Notre-Dame è salva. Le donazioni dei big del lusso

di Costanza Tannaro

Poteva andare peggio rispetto a ciò che abbiamo visto collegati dal nostro televisore. Notre-Dame, Nostra Signora, la cattedrale di Parigi  patrimonio UNESCO è salva, almeno nelle strutture portanti. Un enorme buco la sovrasta  e squarcia la volta centrale, mentre sono in piedi le due torri. Sui social circolano fotografie degli interni:   il Tesoro della chiesa cioè la Corona di Spine e la Tunica di San Luigi è stato risparmiato dalle fiamme, le opere d’arte (tra cui un Guido Reni e un Carracci) sono ovviamente state danneggiate dai fumi e dall’acqua, ma grazie al coraggio dei pompieri parigini sono state messe in salvo   e trasportate all’Hotel de la Ville, il municipio parigino, presumibilmente verranno ricoverate  al Louvre. 

Di certo per ora sappiamo che questo non è il primo incendio  di Notre-Dame: la storia della cattedrale ne ha vissuti parecchi dal giorno della posa della prima pietra nel 1163. E’ stata restaurata nel 1800, ma il tetto era di epoca medievale in legno, mentre la guglia crollata era ottocentesca, firmata dall’architetto Eugene  Viollet-le-Duc che aveva ricoperto l’edificio sacro dei suoi famosi mostri medievali, i gargoyles, le gargouilles, in francese, grondaie a forma di animali fantastici, che tanto hanno ispirato la cinematografia internazionale.

Notre-Dame è sopravvissuta alla Rivoluzione Francese e alle guerre mondiali, ma aveva bisogno di importanti restauri.

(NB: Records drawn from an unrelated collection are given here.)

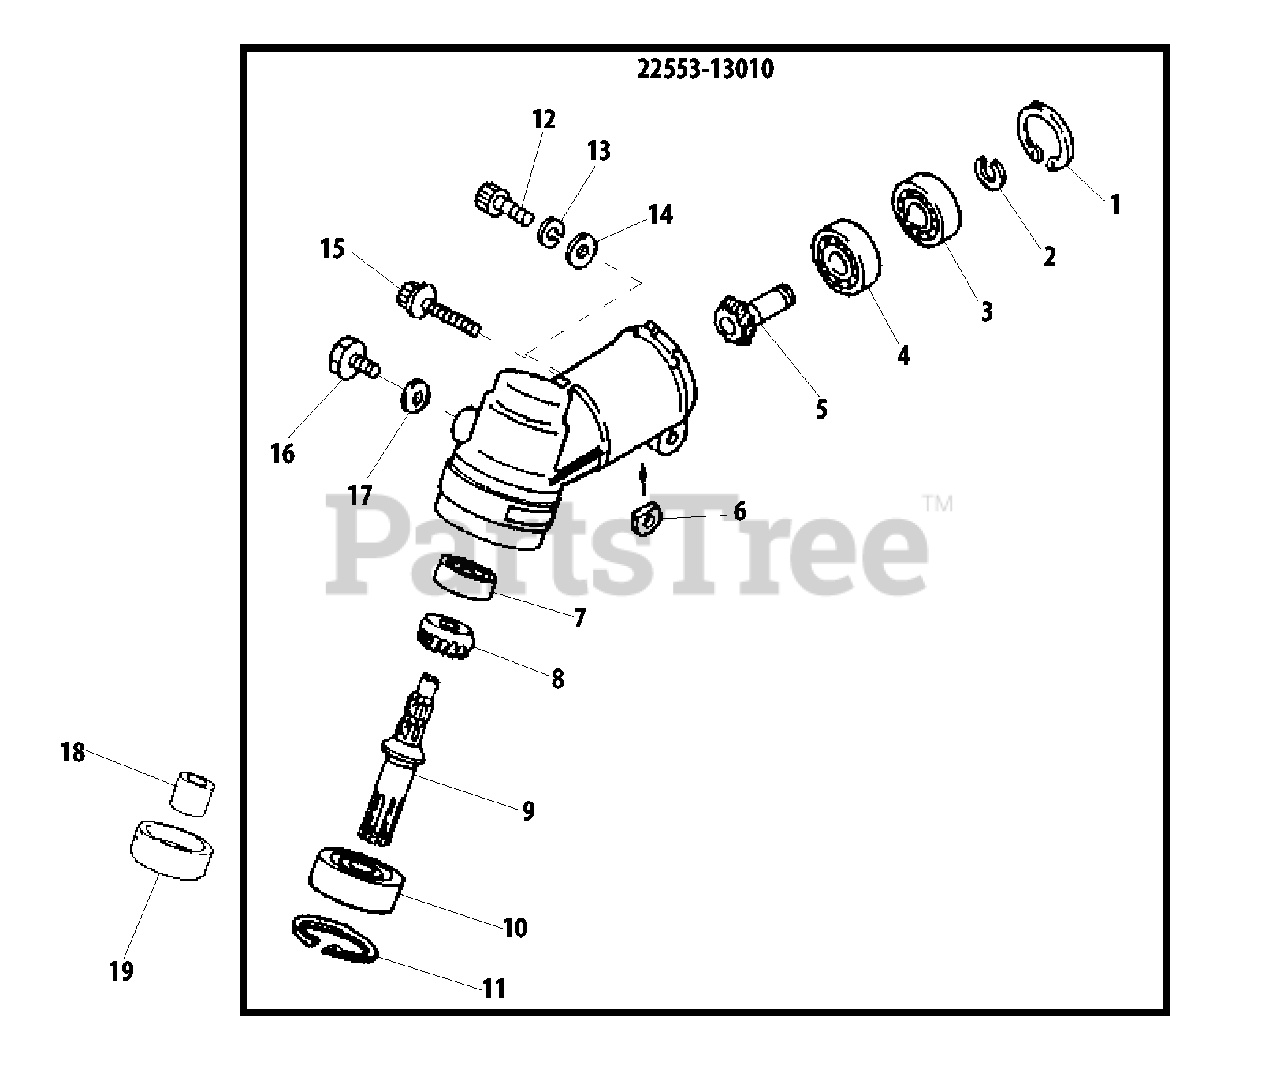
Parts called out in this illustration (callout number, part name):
1	RING, RETAINING - 22
2	RING, RETAINING
3	BEARING, BALL - 608ZZ
4	BEARING, BALL - 608
5	GEAR - PINION
6	SHIM
7	BEARING, BALL - 626
8	GEAR - BEVEL
9	GEAR - SHAFT
10	BEARING, BALL - 6000DDU
11	RING, RETAINING - 26
12	SCREW - 5X12
13	LOCKWASHER - 5
14	WASHER - 5
15	SCREW - 5X25
16	BOLT - 6X10
17	WASHER
18	COLLAR
19	HOLDER
22553-13010	GEAR CASE ASSY
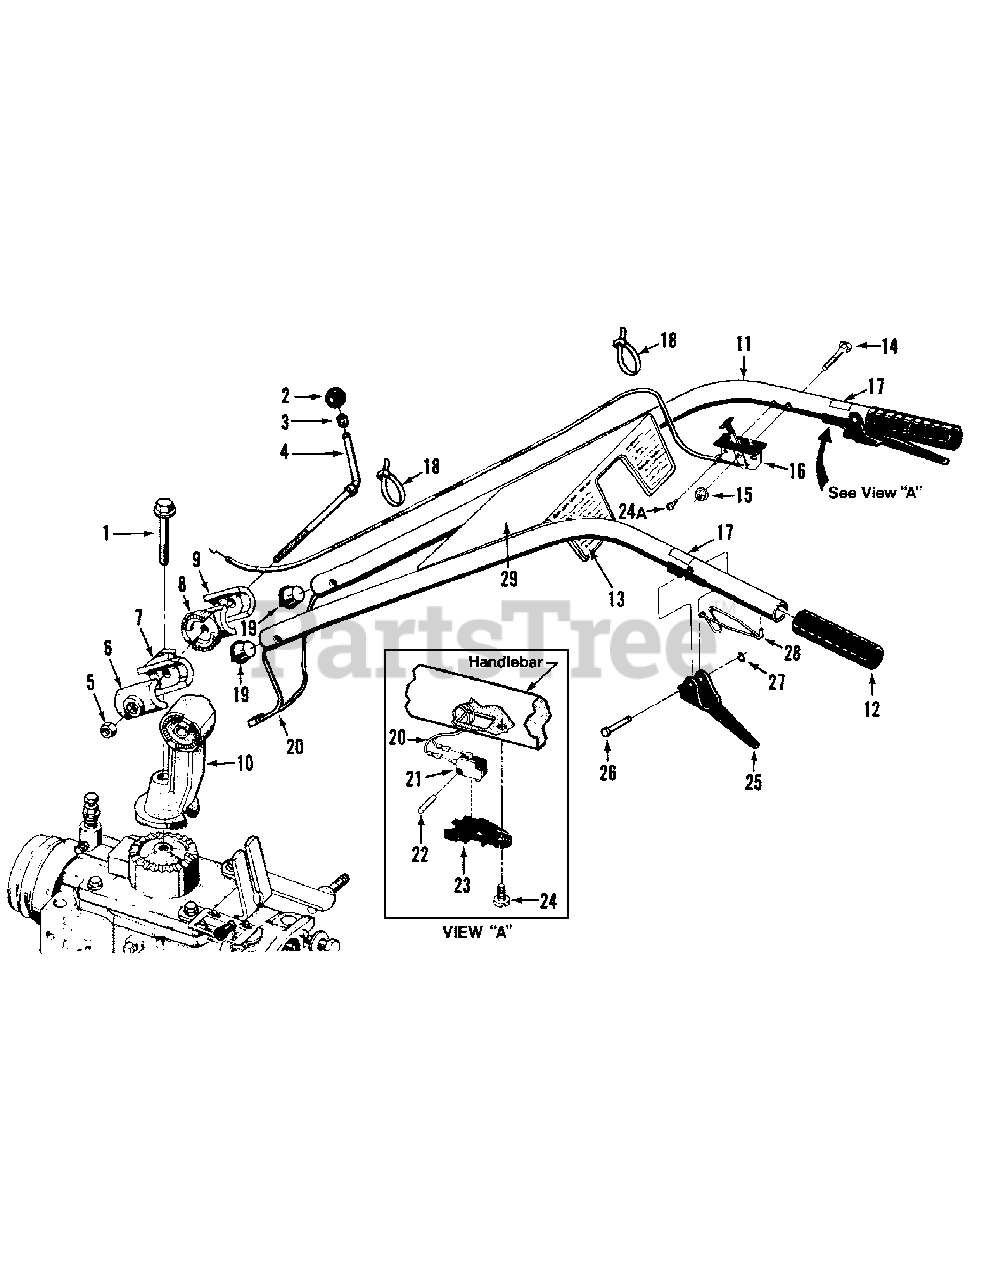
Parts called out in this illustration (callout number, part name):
1	Bolt -Hex hd., flanged self-locking Grade 5, 1/2-13 x 3 -1/2"
2	Knob-handlebar height adjustment
3	Ring-retaining (tolerance ring)
4	Stud-handlebar height adjustment
5	Nut-hex, 1/2"-13
6	Clamp-left, handlebar height adjustment
7	Ratchet-left, handlebar height adjustment
8	Ratchet-right, handlebar height adjustment
9	Clamp-right, handlebar height adjustment
10	Base-handlebar mounting
12	Grip-handlebars
13	Decal-Control panel
14	Bolt-curved hd, GR5, 1/4-20 x 2
15	Nut-hex, flanged self-locking, whiz lock 1/4"-20
16	Throttle Control & Cable, 66"
17	Decal-Forward Interlock Lever
18	Tie-plastic
19	Plug-wire harness retainer
20	Handlebar Wire Harness Assembly forward interlock system
21	Handlebar Switch-forward interlock system
22	Lock Pin-handlebar switch
23	Switch Housing-handlebar switch
23	Switch Assembly (Includes Ref. 21-23)
24	Screw -pan head, #10-16 x 1/2" thread-forming
24A	Screw -pan head, #10-32 x 1/2" thread-forming
26	Pivot Pin -forward interlock lever
27	Retaining Ring -klip ring forward interlock lever
28	Return Spring -fwd interlock lever
29	Label Troy-Bilt Horse
29	Label Troy-Bilt Horse "Big Red"
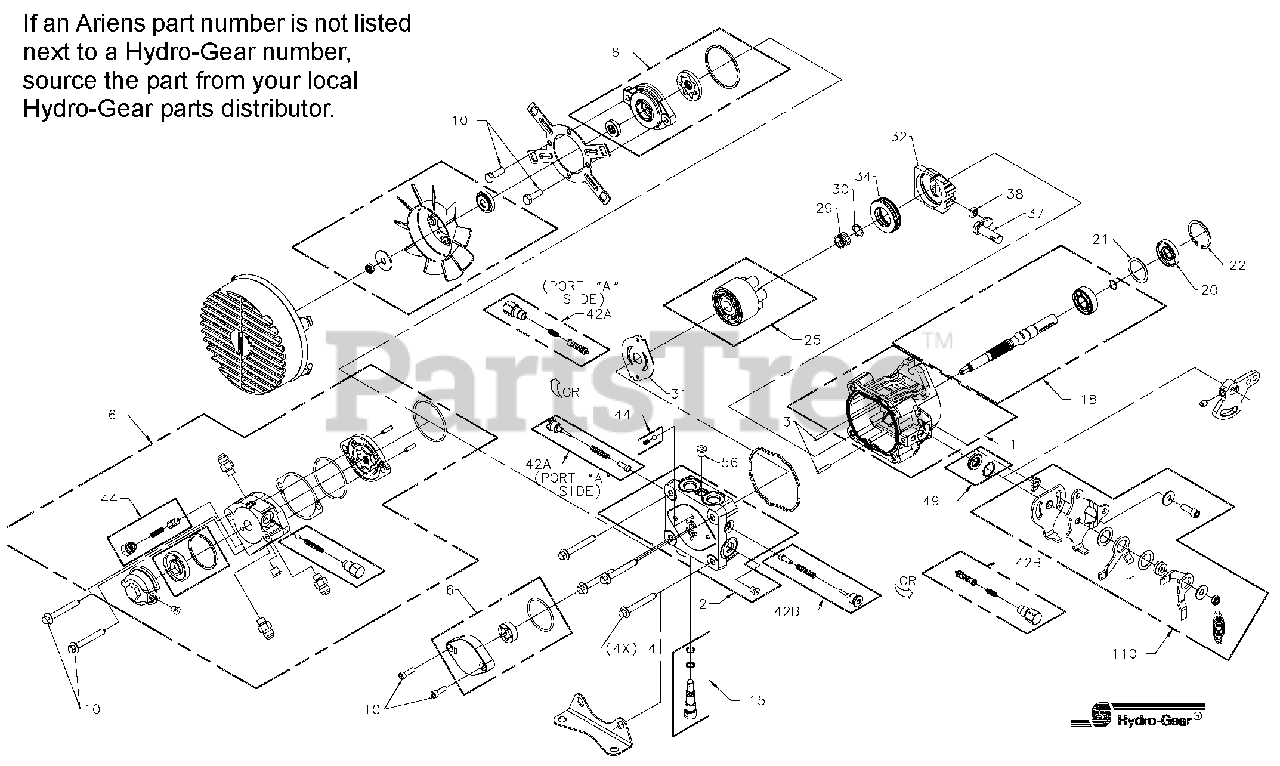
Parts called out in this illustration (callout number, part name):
1	KIT, HSG
2	KIT, ENDCAP STD CHG W/PPT
3	PIN, .219X1
4	HFHCS M8X60
6	KIT, CHG PUMP STD CHG, TH
10	HHCS 5/16-18X1
15	KIT, BYPASS VALVE
18	KIT, PUMP SHAFT
20	SEAL, LIP 17X40X7
21	WASHER 1.23X1.56X.04
22	RING, RET 1.56 INT
25	KIT, 10 CC BLOCK
29	SPRING. BLOCK
30	WASHER. THRUST .59 X .79 X .04
31	PLATE, VALVE
32	SWASHPLATE. VARIABLE
34	BEARING. THRUST 30 X 52 X 13
37	ARM. TRUNNION TAPERED SQUARE
38	GUIDE. SLOT
42	KIT, SHOCK VALVE 200 BAR
44	KIT, CHG RELIEF
49	KIT, PUMP SEAL
56	PLUG 7/16-20 (METAL)
110	RETURN KIT
NS	KIT, PUMP SEAL

La Chiesa di Francia e il governo di Macron lo sapevano, c’era bisogno di 150 milioni di euro per restaurarla e solo due erano stati stanziati, serviti per far partire i lavori più urgenti. Proprio dal cantiere di restauro, iniziato nel 2018, è divampato l’incendio.

Ora, fortunatamente, è partita una sorta di gara tra i gruppi del lusso: Lvmh (fra i suoi marchi Fendi e Bulgari), controllata dalla famiglia Arnault, ha annunciato una donazione di 200 milioni di euro al fondo dedicato alla ricostruzione della Cattedrale, mentre la famiglia Pinault, a capo di Kering, il gigante del lusso che controlla tra gli altri Gucci e Balenciaga, ha risposto all’appello e ha annunciato la donazione di 100 milioni di euro, accogliendo così l’appello del presidente Macron.